With 200 corporate employees, Wonolo helps contract gigs for about 500,000 workers on its marketplace platform. After broaching the prospect of supporting a living wage with corporate leaders often led to interest but no commitments, Wonolo’s CEO decided to take action. “What we said was, ‘Instead of waiting for some large company to take a stand and do the right thing, we’re going to take the matter into our hands.’ The more we talk about it and exemplify what can be done, hopefully many other big corporations will take the pledge.”

Wonolo’s goal is to get all of the companies that it works with through its platform to commit to or above a living wage by the end of the year. Seventy percent are on board.

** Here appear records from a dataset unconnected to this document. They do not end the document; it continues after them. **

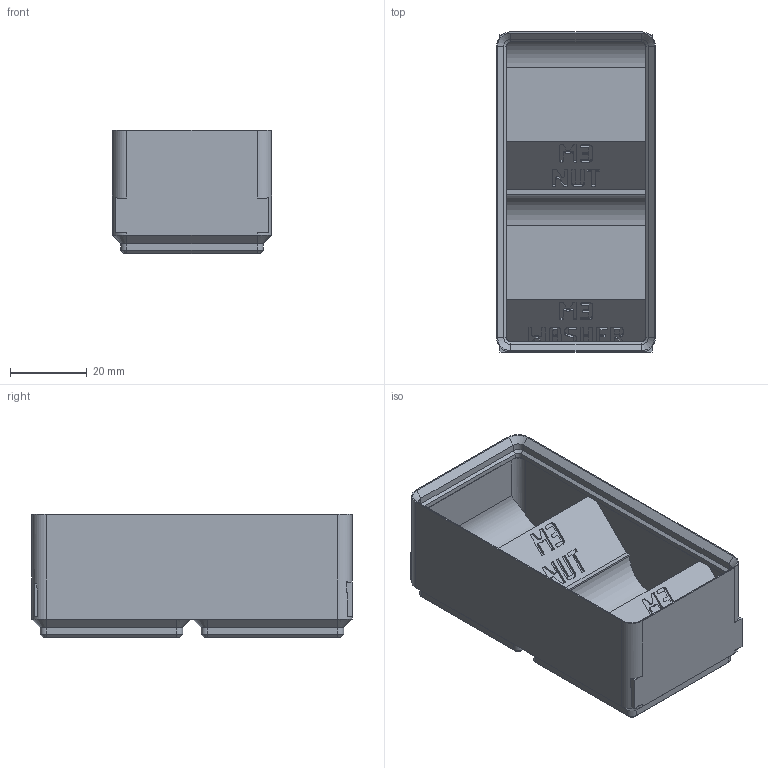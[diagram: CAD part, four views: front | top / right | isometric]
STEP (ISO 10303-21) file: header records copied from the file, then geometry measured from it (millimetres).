
FILE_DESCRIPTION(('Open CASCADE Model'),'2;1');
FILE_NAME('Open CASCADE Shape Model','2026-11-03T10:59:39',('Author'),( 'Open CASCADE'),'Open CASCADE STEP processor 8.0','build123d', 'Unknown');
FILE_SCHEMA(('AUTOMOTIVE_DESIGN { 1 0 10303 214 1 1 1 1 }'));
Products named in the file (1): COMPOUND
Bounding box: 41.5 x 83.5 x 32.1 mm (x, y, z)
Volume: 30739.3 mm3; surface area: 23920.8 mm2
Topology: 1 solids, 1 shells, 1463 faces, 4255 edges, 2814 vertices
Faces by surface type: plane 1405, cylinder 30, cone 28
Entity records: 102512 total; most frequent: CARTESIAN_POINT 17677, DIRECTION 15439, LINE 12299, VECTOR 12299, ORIENTED_EDGE 8510, PCURVE 8510, DEFINITIONAL_REPRESENTATION 8510, EDGE_CURVE 4255
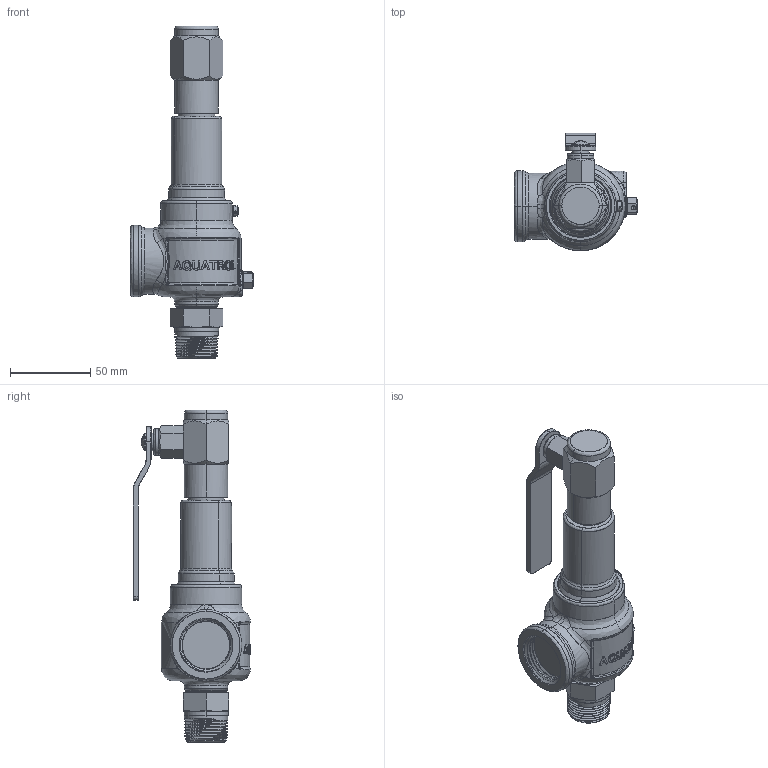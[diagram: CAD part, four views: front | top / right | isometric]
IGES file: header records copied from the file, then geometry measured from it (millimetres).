
Start section: SolidWorks IGES file using NURBS representation for surfaces
Global section: file name: C:\Design\Design\Aquatrol\Customer 3D Files\Series 740 Customer Files\D Orifice\Customer\Iges Files\Series 740 D 750 x 1000 Packed Lever.IGS; native system: SolidWorks 2015; preprocessor: SolidWorks 2015; author: Karl; date: 150515.081108; units: inch
Bounding box: 76.94 x 73.07 x 206.81 mm (x, y, z)
Surface area: 39074 mm2 (no closed solid volume)
Topology: 0 solids, 0 shells, 453 faces, 6965 edges, 6965 vertices
Faces by surface type: bspline 453

A commitment to living wages should not result in companies accelerating automation to avoid added costs, Kim said. “We’ve worked with a lot of companies that have implemented various automation systems at their facilities, especially for frontline jobs. What we have seen, though, is that has always created different types of jobs.”

The living wage calculator’s creator, Amy Glasmeier, a professor of economic geography and regional planning at the Massachusetts Institute of Technology, agreed. “Higher wages induce employers to raise productivity. We are about to face a labor shortage, given the aging Baby Boomer generation, a smaller Generation Z and reduced immigration,” she said.

Analysts and policy makers are inclined to compare income to the federal poverty threshold in order to determine an individual’s ability to live within a certain standard of living. Those poverty benchmarks don’t examine living costs except food budgets. Glasmeier noted that the minimum wage is based on a calculation that dates back to the 1960s and “the composition hasn’t changed since then.”